Thanks! Glad you enjoyed it!

> The article makes it seem as though once you had a valid theoretical model
> implementation was actually easy, is that true?

Rust's affine type system is a huge win here. It has a no-surprises approach
to handling data, so it's very easy to practically track roots and all.

So yeah; the implementation is not much more complex than the design above (I
don't think I skip any nontrivial part of the design in the post, though that
is purely by accident -- I intended to give a sketch of the design and the
whole design just happened to come out)

> What is the disadvantage of the way you do it now?

Think of manual rooting as akin to Rc or shared_ptr wrt cost; and the llvm
thing is Box/unique_ptr.

Just how the compiler inserts deterministic alloc/free calls with Box, the
compiler keeps track of stack based gcthings in llvm. All of the dynamic
checks above for rooting become unnecessary; instead at mark time you just
pick up the roots from the stack frames. (Note: I haven't looked into the llvm
feature; I don't know if it works this way).

Tracking roots is something a compiler is good at. Not so much a runtime.

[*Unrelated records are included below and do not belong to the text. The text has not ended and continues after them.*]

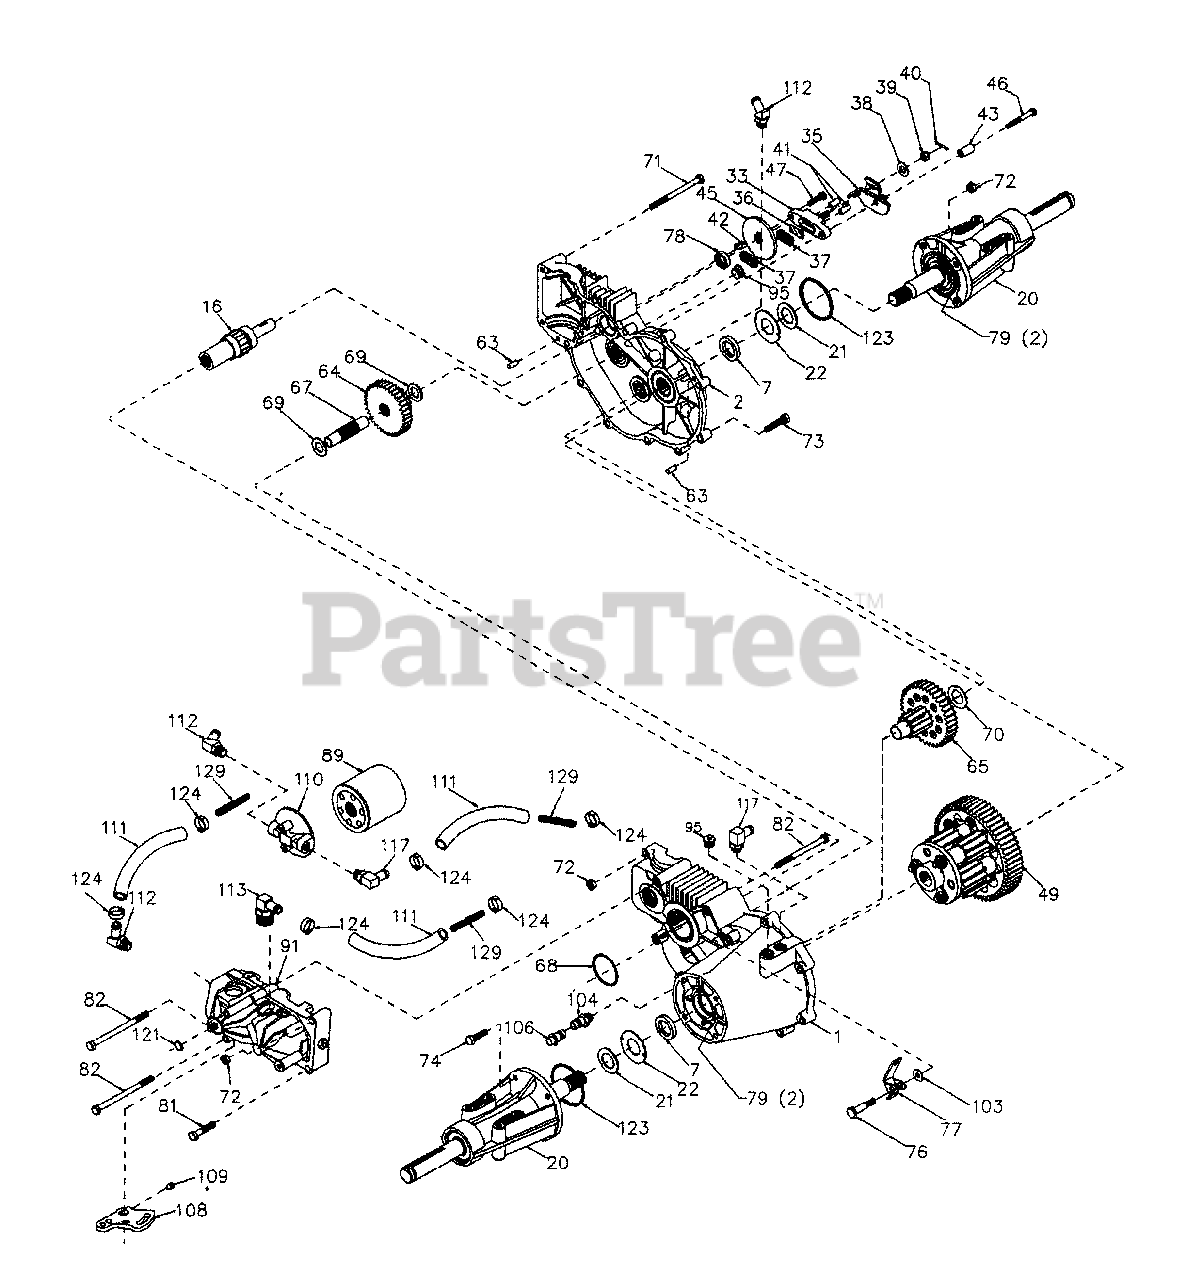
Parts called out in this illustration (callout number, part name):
1	Assembly, Housing, LH
2	Assembly, Housing, RH
7	Oil Seal .984 x 1.5 x .25
16	Brake Shaft Assembly
20	Axle Mounting Horn Assembly
21	Washer 1.0 x 1.63 x .OS
22	Washer 1.0 x 2.06 x .09
33	Brake Yoke Assembly
36	Puck Plate
37	Brake Puck
38	Washer 7/8 O.D. x 7/16 x .060
39	Nut, Castle 5/16-24
40	Cotter Pin
41	Brake Actuating Pin
42	Hi Pro Key
45	Brake Disc
46	Bolt 1 /4-20 x 1-1 /2
47	Bolt 1/4-20 x 1
49	Differential Assembly
64	Reduction Gear, 14 Teeth to 38 Teeth
65	Final -Drive Pinion Assembly
69	Washer 5/8 X 1-5/32
70	Washer 7/8 X 1-1/2
71	Bolt, Hex 5/16-18 x 3.5
72	Locknut, Hex 5/16-18
73	Bolt, Hex 5/16-18 x 1-1/2
74	Hex Cap Screw 5/16-18 x 1
76	Shoulder Bolt
77	Freewheel Actuating Arm
78	Oil Seal .625 x 1.0 x .25
79	Grease (10 oz. Tube)
81	Bolt, Hex 5/16-18 x 1-3/4
82	Bolt 5/16-18 x 4-1/2
89	Filter, Spin On
91	Pump, BDU-10L-122
95	Plug, Straight Thread
104	Vent Cap Assembly
106	Fitting O-Ring Assembly
108	Control Arm
110	Filter Head
112	Fitting, 1/2" Beaded 900 7/8 SAE
113	Fitting, 1/2" Beaded 600 9/16
117	Fitting, 1/2" Beaded 900 9/16
124	Pinch Clamp
129	Spring, Long
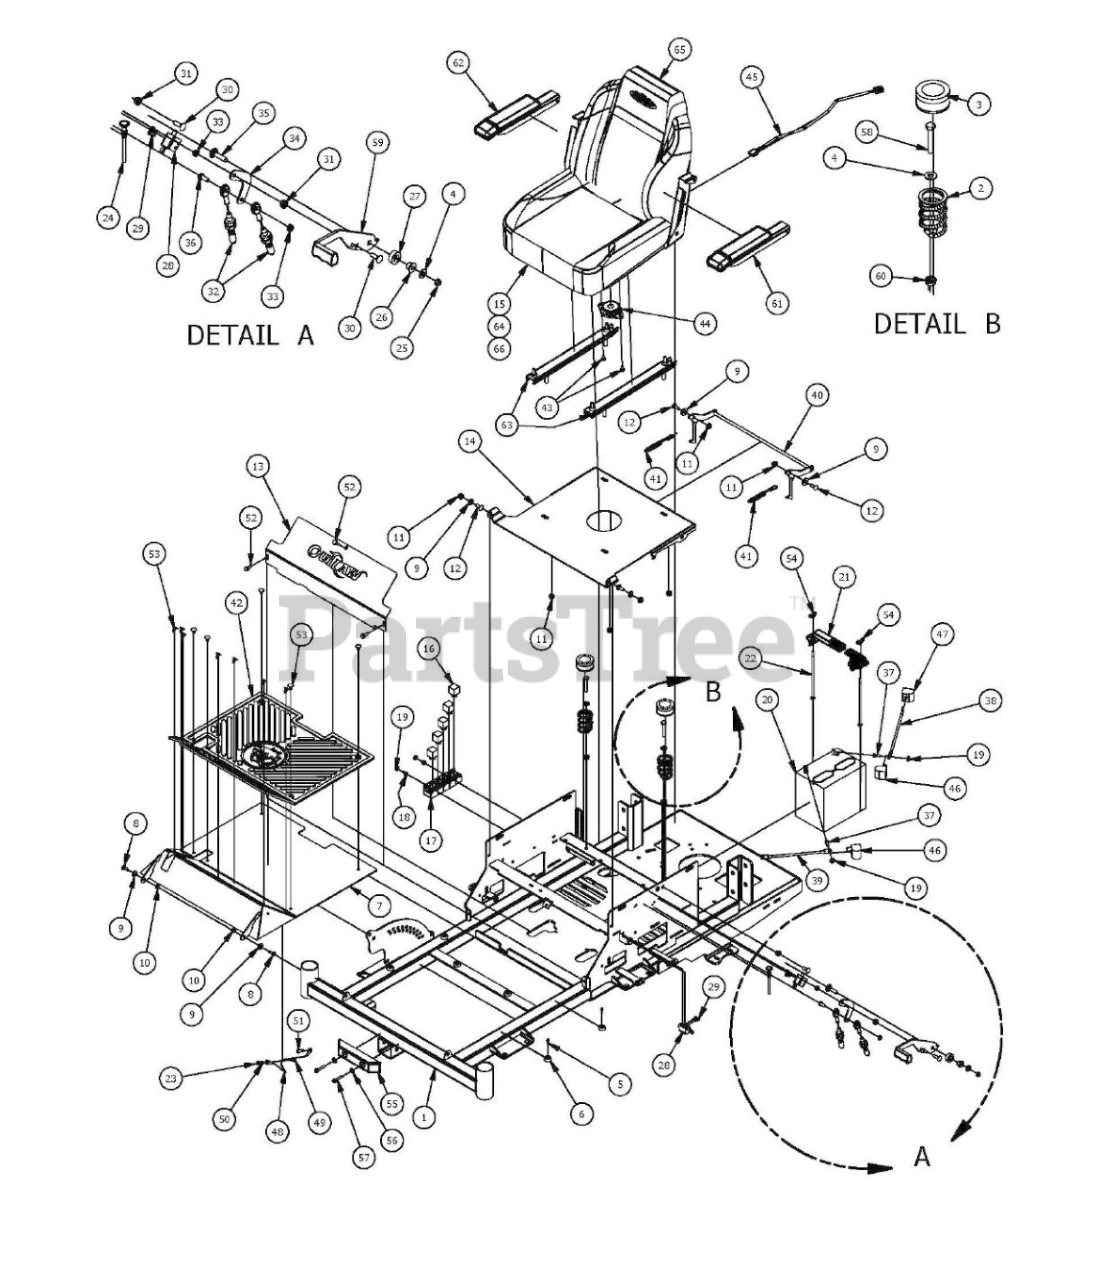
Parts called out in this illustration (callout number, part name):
1	2017 Compact Outlaw Frame
2	Seat Spring
3	Seat Spring Cap Cover
4	3/8" Flat Washer
5	#10 x 1/2" Self Taping Screw
6	Button Bumper
7	Compact Outlaw Floorboard
8	1/4" x 3/4" Carriage Bolt
9	.360 ID Plastic Washer
10	1/4 Nylock Nut
11	5/16-18 Nylon Flange Nut
12	5/16" x 7/8" Carriage Bolt
13	Compact Outlaw Cooler Cover
14	Seat Plate 2016
15	Compact Outlaw Seat
17	Wire Harness
18	1/4" x 1/2" BS C/S 18-8 SS
19	1/4-20 Hex Flange Nuts Zinc w/Serrations
21	Battery Hold Down
22	1/4-20 X 8 Carriage Bolt
23	1/4-20 Hex Nut
25	3/8-16 Centerlock Half Nut
26	Bronze Bushing SF-1220-8
27	2015 Brake Lever Spacer
28	Safety Switch
29	12-24x 1/2 HWH Bolt
30	5/16" x 1" Carriage Bolt
31	5/16" Flange Nut w/Serrations
32	Brake Cable
33	5/16-18 Nylock Jam Nut 1/2 Nut
34	Brake Cable Adapter Bracket
35	3/8 x 1 1/2 Carriage Bolt
36	5/16" x 3/4" Hex Bolt
37	1/4" x 3/4" Hex Bolt
38	24" Red Battery Cable
39	Ground Cable
40	Seat Latch Rod Assembly
41	Seat Latch Spring
42	Compact Outlaw Floor Mat
43	1/4-20x1/2 HWH Bolt Slot
44	Seat Safety Switch
45	Seat Switch Adapter
46	Black Boot For Ground Cable
48	Floor board Cable W/ Swivel Ends
49	1/4" x 5/8" BS C/S 18-8 SS
50	1/4" Lock Washer
51	1/4 x 1 Hex Head Tek screw
52	5/16 x 3/4 washer head type F screw
53	5/8" Christmas Tree Fastener
54	1/4" Wing Nut
55	8" Rubber Bumper
56	5/16" Flat Washer
57	1/4" x 1 1/2" Self Tapping Screw
58	3/8"-16 x 2" Gr 5 Hex Bolt
59	Brake Handle
60	3/8" Flange Nut
61	Left Arm Rest
62	Right Arm Rest
63	Seat Rails
65	Seat Back Cover
66	Seat Bottom Cover
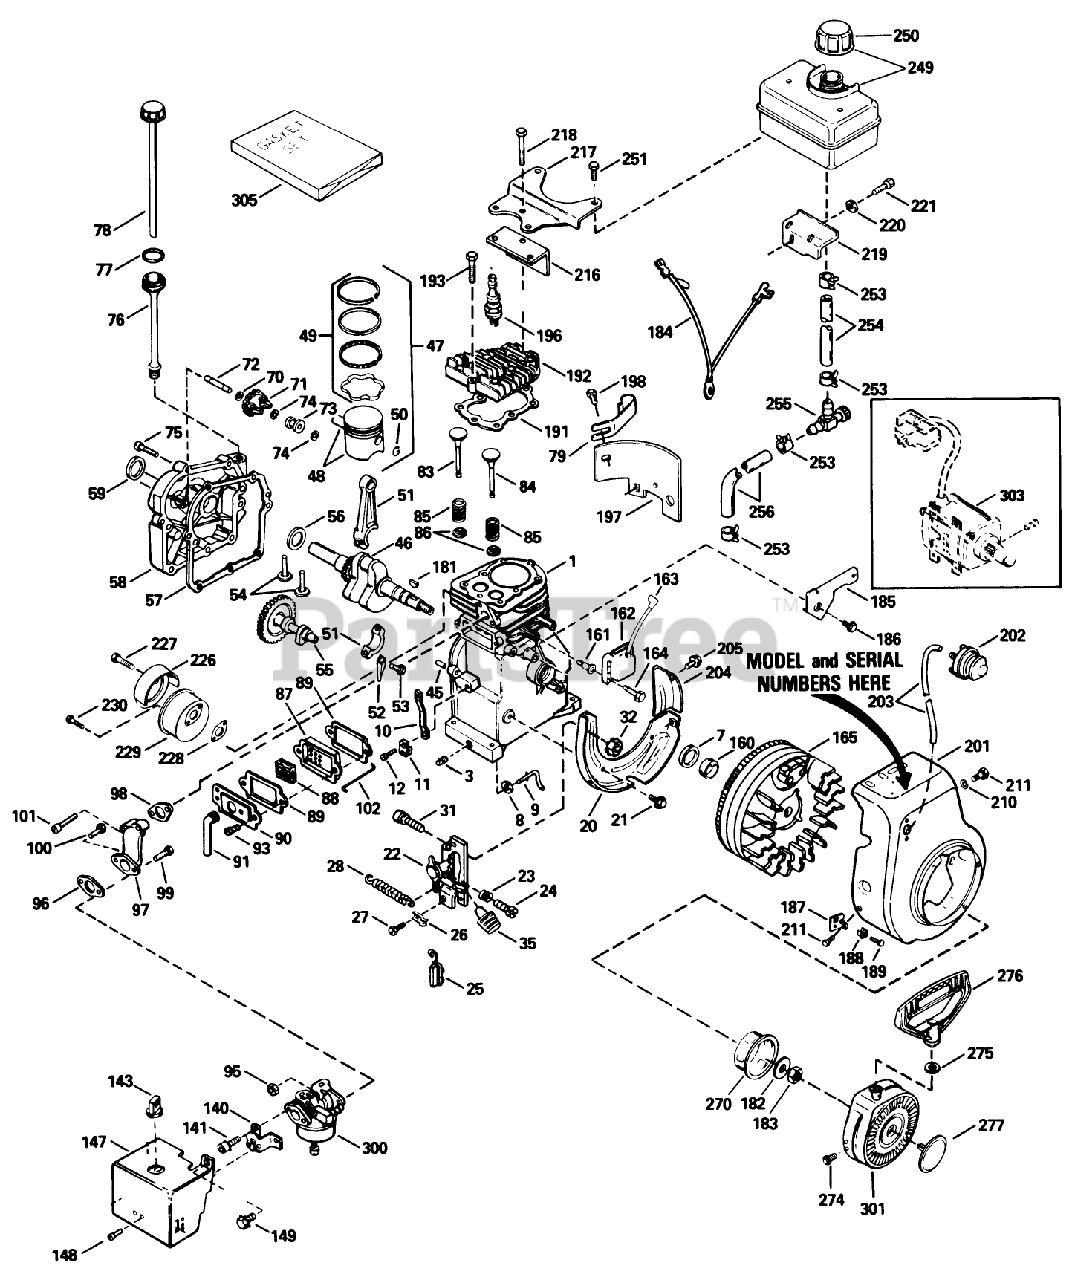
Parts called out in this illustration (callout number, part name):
1	Cylinder Assembly (Incl. Ref. #2, 3 35)
3	Plug-Drain, Oil (SQH 1/4-18)
7	Seal-Oil
8	Washer-Flat
9	Rod-Governor
10	Lever-Governor
11	Clamp-Lever, Governor
12	Screw
20	Baffle-Blower Housing
21	Screw (1/4-20x19/32)
22	Control Assembly, Speed (Incl. Ref. #155 thru 158 160)
23	Spring-Compression
24	Screw
25	Terminal
26	Conduit
27	Screw (10-32 x 3/8)
28	Spring-Extension
31	Screw
32	Nut-Lock
35	Knob-Control
45	Pin-Dowel
46	Crankshaft
47	Piston-Pin Ring Assy. (Std.)(Incl. Ref. #14A, 15 16)
47	Piston-Pin Ring Assy. (.010 oversize)(Incl. Ref. #14A, 15 16)
47	Piston-Pin Ring Assy. (.020 oversize)(Incl. Ref. #14A, 15 16)
48	Piston Pin Assy. (Std)(Incl. Ref. #16)
48	Piston Pin Assy. (.010 oversize) (Incl. Ref. #16)
48	Piston Pin Assy. (.020 oversize) (Incl. Ref. #16)
49	Piston Ring Set Std.
49	Piston Ring Set .010 O.S.
49	Piston Ring Set .020 O.S.
50	Ring-Retaining, Piston Pin
51	Rod Assembly, Connecting (Incl. Nos. 17 18)
52	Dipper-Oil
53	Bolt-Rod, Connecting
54	Lifter-Valve
55	Camshaft (Compression Release)
56	Washer-Thrust
57	Gasket-Cylinder Cover
58	Cover-Cylinder (Incl. Ref. #59 72)
59	Seal-Oil
70	Washer-Flat
71	Governor Gear ASM
72	Shaft-Governor
73	Spool-Governor
74	Ring-Retaining
75	Screw (1/4-20 x 1-1/4)
76	Tube-Fill, Oil
77	O-Ring
78	Dipstick
79	Clip-Tube, Fill
83	Valve, Exhaust (Std.)(Incl. No. 40)
83	Valve, Intake (1/32" oversize)(Incl. No. 40)
84	Valve, Intake (Std.) (Incl. Ref. #40)
84	Valve, Intake (1/32" oversize)(Incl. No. 40)
85	Spring-Valve
86	Cap-Valve, Spring
87	Body-Breather
88	Element-Breather
89	Gasket-Breather
90	Cover-Breather
91	Tube-Breather
93	Screw
95	Nut and Lock Washer (1/4-28)
96	Gasket
97	Pipe-Intake (Incl. Ref. #47)
98	Gasket-Intake
100	Screw-Hex Hd.
101	Screw (1/4-20 x 1-19/32)
102	Jet-Main
140	Bracket-Choke
141	Screw (10-32 x 1/2)
143	Knob-Choke
147	Cover-Carburetor
148	Screw (8-32 X 5/16)
149	Screw (10-32x1/2)
160	Spacer
162	Solid State
163	Cover-Spark Plug
164	Screw
165	CLAMP
181	Key-Flywheel
182	Washer-Belleville
183	Nut-Flywheel
184	Wire-Ground
185	Bracket-Hold Down
186	Screw (10-24 x 9/16)
187	Bracket
188	Grommet
189	Screw (8-32 x 3/8)
191	Gasket-Cylinder Head
192	Head-Cylinder
193	Screw (5/16-18x1-1/2)
196	Spark Plug-Resistor (R J19 L M)
197	Extension-Blower
198	Screw
201	Housing-Blower
202	Primer-Asm
203	Line-Primer
204	Baffle-Extension
205	Screw-Hex Washer Hd.
210	Washer
211	Screw
216	Baffle-Heat
217	Plate-Fuel Tank
218	Screw (5/16-18 X 2)
219	Bracket-Fuel Tank
220	Washer
221	Screw Assembly
226	Cover-Muffler
227	Screw (1/4-15x7/8)
228	Gasket Exhaust
229	Muffler
230	Screw
249	Tank Assembly-Fuel (Incl. Ref. #250 253)
250	Cap-Fuel
251	Screw (1/4-15x7/8)
253	Clamp-Line, Fuel
254	Line-Fuel (8.62)
255	Valve-Shut Off
256	Line-Fuel
270	Cup-Starter
274	Screw, Hex Hd.
275	Washer
276	Handle-Starter, Mitten Grip
277	Plug Starter
300	Carburetor (Incl. Ref. #87)
301	Rewind Starter
303	Electric Starter Kit 33290C (Optional) Sold as Accessory
305	Gasket Set (Incl. items marked*

Regarding Java and Go: I don't know; I haven't tried. But the applications are
different -- Java is pervasive, and Go is pervasive with value types and
escape analysis (also default concurrent). Rust-gc will probably be horrible
at pervasive GCing. Besides, the other two have compiler support so have it
much easier when they want to track roots. You can statically insert
unconditional calls to `roots.push(var)` if you own the compiler, but as a
library author you can have to keep track of many things at runtime to
determine if something is a root (which is why llvms solution looks promising
to me). In rust-gcs case, rooting status is stored by all the other existing
gcptrs, and the status is changed conditionally depending on their states and
interaction.

------
plgeek
You may find these two article interesting prior art, which I happen to be
very familiar with. :)

Implementation and performance evaluation of a safe runtime system in Cyclone
[http://scholar.google.com/citations?view_op=view_citation&hl...](http://scholar.google.com/citations?view_op=view_citation&hl=en&user=rlxeD9sAAAAJ&citation_for_view=rlxeD9sAAAAJ:IjCSPb-
OGe4C)

Type-preserving garbage collectors
[http://scholar.google.com/citations?view_op=view_citation&hl...](http://scholar.google.com/citations?view_op=view_citation&hl=en&user=rlxeD9sAAAAJ&citation_for_view=rlxeD9sAAAAJ:d1gkVwhDpl0C)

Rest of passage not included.